According to wikipedia, the total variation of the real-valued function $f$, defined on an interval $[a,b]\subset \mathbb{R}$, is the quantity $$V_b^a=\sup_{P\in\mathcal{P}}\sum_{i=0}^{n_P-1}\left | f(x_{i+1})-f({x_i)}\right |$$ where $\mathcal{P}= \left \{P=\{x_0,\ldots, x_{n_P}\} \mid P \text{ is a partition of } [a,b]\right \}$.
This is actually the more traditional definition of total variation, found for example in Rudin's Principles of Mathematical Analysis from the 1960s. However, in modern image analysis applications, the total variation is defined differently: $$\text{TV}(f,\Omega)= \sup \, \bigg\{ \int_{\Omega} f\, div \phi \, dx : \phi \in C_c^{\infty} (\Omega,\mathbb{R}^N), \, \lvert \phi (x) \rvert \leq 1\, \forall x\in \Omega \bigg \} $$ where $\Omega$ is the domain on which we define the TV (and unlike the previous definition it could have dimension higher than 1).
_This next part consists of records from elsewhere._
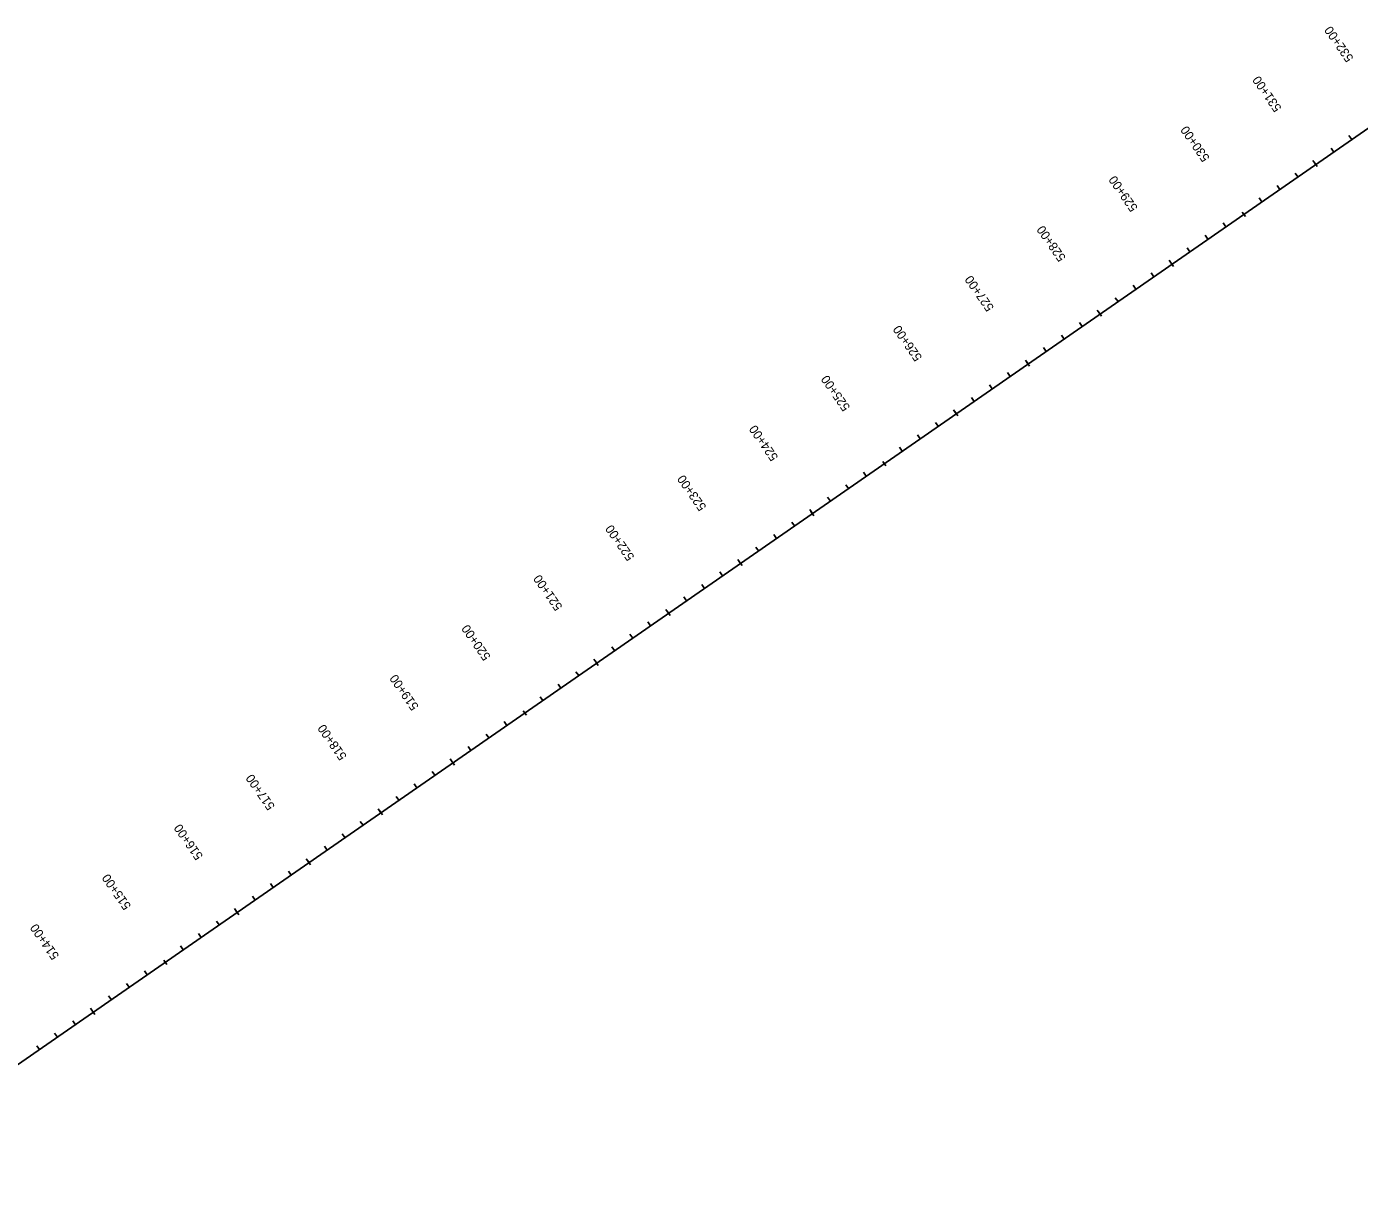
# Model space of a CAD drawing. Extents: x 11276213 to 11292489, y 9492633 to 9513914.
# Drawn here: x 11280563 to 11282086, y 9499310 to 9500632 of the extents above; entities that cross this region are included whole.
import ezdxf

# ---------------------------------------------------------------- set-up
doc = ezdxf.new("R2010")
doc.units = 0
for name, color, linetype in [('Alignment', 7, 'Continuous'), ('TextAlignment', 7, 'Continuous'), ('TextAlignmentLrg', 7, 'Continuous'), ('TextAlignmentSml', 7, 'Continuous')]:
    doc.layers.add(name, color=color, linetype=linetype)

msp = doc.modelspace()

# ---------------------------------------------------------------- linework, layer by layer
at = {"layer": 'Alignment'}
msp.add_line((11280357.5, 9499309.8), (11282134.5, 9500542.6), dxfattribs=at)
at = {"layer": 'TextAlignment'}
msp.add_line((11280357.5, 9499309.8), (11282134.5, 9500542.6), dxfattribs=at)
at = {"layer": 'TextAlignmentLrg'}
for p, q in [((11282036.3, 9500474.4), (11282033.1, 9500478.9)), ((11281952.3, 9500419.9), (11281955.8, 9500414.9)), ((11281871.9, 9500360.4), (11281868.8, 9500364.9)), ((11281789.8, 9500303.4), (11281786.6, 9500307.9)), ((11281707.6, 9500246.4), (11281704.5, 9500250.9)), ((11281625.4, 9500189.4), (11281622.3, 9500193.9)), ((11281541.5, 9500134.9), (11281545, 9500129.9)), ((11281461.1, 9500075.4), (11281458, 9500079.9)), ((11281378.9, 9500018.4), (11281375.8, 9500022.9)), ((11281296.8, 9499961.4), (11281293.6, 9499965.9)), ((11281214.6, 9499904.4), (11281211.5, 9499908.9)), ((11281130.7, 9499849.9), (11281134.2, 9499844.9)), ((11281050.3, 9499790.4), (11281047.2, 9499794.9)), ((11280968.1, 9499733.4), (11280965, 9499737.9)), ((11280885.9, 9499676.4), (11280882.8, 9499680.9)), ((11280803.8, 9499619.4), (11280800.7, 9499623.9)), ((11280719.9, 9499564.9), (11280723.3, 9499559.9)), ((11280639.4, 9499505.4), (11280636.3, 9499509.9))]:
    msp.add_line(p, q, dxfattribs=at)
at = {"layer": 'TextAlignmentSml'}
for p, q in [((11282077.3, 9500502.9), (11282074.2, 9500507.4)), ((11282056.8, 9500488.6), (11282053.7, 9500493.1)), ((11282034.5, 9500476.9), (11282038, 9500471.9)), ((11282015.7, 9500460.1), (11282012.6, 9500464.6)), ((11281995.2, 9500445.9), (11281992.1, 9500450.4)), ((11281974.6, 9500431.6), (11281971.5, 9500436.1)), ((11281952.3, 9500419.9), (11281955.8, 9500414.9)), ((11281933.5, 9500403.1), (11281930.4, 9500407.6)), ((11281913, 9500388.9), (11281909.9, 9500393.4)), ((11281892.5, 9500374.6), (11281889.3, 9500379.1)), ((11281870.2, 9500362.9), (11281873.7, 9500357.9)), ((11281851.4, 9500346.1), (11281848.3, 9500350.6)), ((11281830.8, 9500331.9), (11281827.7, 9500336.4)), ((11281810.3, 9500317.6), (11281807.2, 9500322.1)), ((11281769.2, 9500289.1), (11281766.1, 9500293.6)), ((11281788, 9500305.9), (11281791.5, 9500300.9)), ((11281748.7, 9500274.9), (11281745.6, 9500279.4)), ((11281728.1, 9500260.6), (11281725, 9500265.1)), ((11281705.8, 9500248.9), (11281709.3, 9500243.9)), ((11281687, 9500232.1), (11281683.9, 9500236.6)), ((11281666.5, 9500217.9), (11281663.4, 9500222.4)), ((11281646, 9500203.6), (11281642.9, 9500208.1)), ((11281623.7, 9500191.9), (11281627.2, 9500186.9)), ((11281604.9, 9500175.1), (11281601.8, 9500179.6)), ((11281584.3, 9500160.9), (11281581.2, 9500165.4)), ((11281563.8, 9500146.6), (11281560.7, 9500151.1)), ((11281541.5, 9500134.9), (11281545, 9500129.9)), ((11281522.7, 9500118.2), (11281519.6, 9500122.6)), ((11281502.2, 9500103.9), (11281499.1, 9500108.4)), ((11281481.6, 9500089.7), (11281478.5, 9500094.1)), ((11281440.5, 9500061.2), (11281437.4, 9500065.6)), ((11281459.3, 9500077.9), (11281462.8, 9500072.9)), ((11281420, 9500046.9), (11281416.9, 9500051.4)), ((11281399.5, 9500032.7), (11281396.4, 9500037.1)), ((11281377.2, 9500020.9), (11281380.7, 9500015.9)), ((11281358.4, 9500004.2), (11281355.3, 9500008.6)), ((11281337.8, 9499989.9), (11281334.7, 9499994.4)), ((11281317.3, 9499975.7), (11281314.2, 9499980.1)), ((11281295, 9499963.9), (11281298.5, 9499958.9)), ((11281276.2, 9499947.2), (11281273.1, 9499951.6)), ((11281255.7, 9499932.9), (11281252.6, 9499937.4)), ((11281235.1, 9499918.7), (11281232, 9499923.1)), ((11281212.9, 9499906.9), (11281216.3, 9499901.9)), ((11281194.1, 9499890.2), (11281190.9, 9499894.6)), ((11281173.5, 9499875.9), (11281170.4, 9499880.4)), ((11281153, 9499861.7), (11281149.9, 9499866.1)), ((11281111.9, 9499833.2), (11281108.8, 9499837.6)), ((11281130.7, 9499849.9), (11281134.2, 9499844.9)), ((11281091.3, 9499818.9), (11281088.2, 9499823.4)), ((11281070.8, 9499804.7), (11281067.7, 9499809.1)), ((11281048.5, 9499792.9), (11281052, 9499787.9)), ((11281029.7, 9499776.2), (11281026.6, 9499780.6)), ((11281009.2, 9499761.9), (11281006.1, 9499766.4)), ((11280988.6, 9499747.7), (11280985.5, 9499752.1)), ((11280966.4, 9499735.9), (11280969.8, 9499730.9)), ((11280947.6, 9499719.2), (11280944.4, 9499723.6)), ((11280927, 9499704.9), (11280923.9, 9499709.4)), ((11280906.5, 9499690.7), (11280903.4, 9499695.1)), ((11280884.2, 9499678.9), (11280887.7, 9499673.9)), ((11280865.4, 9499662.2), (11280862.3, 9499666.7)), ((11280824.3, 9499633.7), (11280821.2, 9499638.2)), ((11280844.8, 9499647.9), (11280841.7, 9499652.4)), ((11280783.2, 9499605.2), (11280780.1, 9499609.7)), ((11280802, 9499621.9), (11280805.5, 9499616.9)), ((11280762.7, 9499590.9), (11280759.6, 9499595.4)), ((11280742.1, 9499576.7), (11280739, 9499581.2)), ((11280719.9, 9499564.9), (11280723.3, 9499559.9)), ((11280701.1, 9499548.2), (11280697.9, 9499552.7)), ((11280680.5, 9499533.9), (11280677.4, 9499538.4)), ((11280660, 9499519.7), (11280656.9, 9499524.2)), ((11280637.7, 9499507.9), (11280641.2, 9499502.9)), ((11280618.9, 9499491.2), (11280615.8, 9499495.7)), ((11280598.4, 9499476.9), (11280595.2, 9499481.4)), ((11280577.8, 9499462.7), (11280574.7, 9499467.2))]:
    msp.add_line(p, q, dxfattribs=at)

# ---------------------------------------------------------------- texts
at = {"layer": 'TextAlignmentLrg'}
for s, p in [('530+00', (11281915.5, 9500481.9)), ('525+00', (11281504.7, 9500196.9)), ('520+00', (11281093.9, 9499911.9)), ('515+00', (11280683, 9499626.9))]:
    msp.add_text(s, height=10.2, rotation=124.7491, dxfattribs=at).set_placement(p)
at = {"layer": 'TextAlignmentSml'}
for s, p in [('532+00', (11282079.9, 9500595.9)), ('531+00', (11281997.7, 9500538.9)), ('530+00', (11281915.5, 9500481.9)), ('529+00', (11281833.4, 9500424.9)), ('528+00', (11281751.2, 9500367.9)), ('527+00', (11281669, 9500310.9)), ('526+00', (11281586.9, 9500253.9)), ('525+00', (11281504.7, 9500196.9)), ('524+00', (11281422.5, 9500139.9)), ('523+00', (11281340.4, 9500082.9)), ('522+00', (11281258.2, 9500025.9)), ('521+00', (11281176, 9499968.9)), ('520+00', (11281093.9, 9499911.9)), ('519+00', (11281011.7, 9499854.9)), ('518+00', (11280929.5, 9499797.9)), ('517+00', (11280847.4, 9499740.9)), ('516+00', (11280765.2, 9499683.9)), ('515+00', (11280683, 9499626.9)), ('514+00', (11280600.9, 9499569.9))]:
    msp.add_text(s, height=10.2, rotation=124.7491, dxfattribs=at).set_placement(p)

doc.saveas('drawing.dxf')

Are these definitions somehow related? Perhaps equivalent?
The two definitions, at least in the one-dimensional case, are related but not equivalent.
You can see in a moment that they are not equivalent because the second definition does not depend on the equivalence class of the function $f\in L^1$, whereas the first definition strongly depends on the pointwise value of the function. As an example, the Dirichlet function (i.e. the characteristic function of the rationals) has $V_0^1 = +\infty$ wheres $TV = 0$.
On the other hand, it can be proved that if $f\in L^1(a,b)$ is such that $TV(f, (a,b))$ is finite, then there exists a representative $\tilde{f}$ of $f$ such that $V_a^b(\tilde{f}) = TV(f, (a,b))$.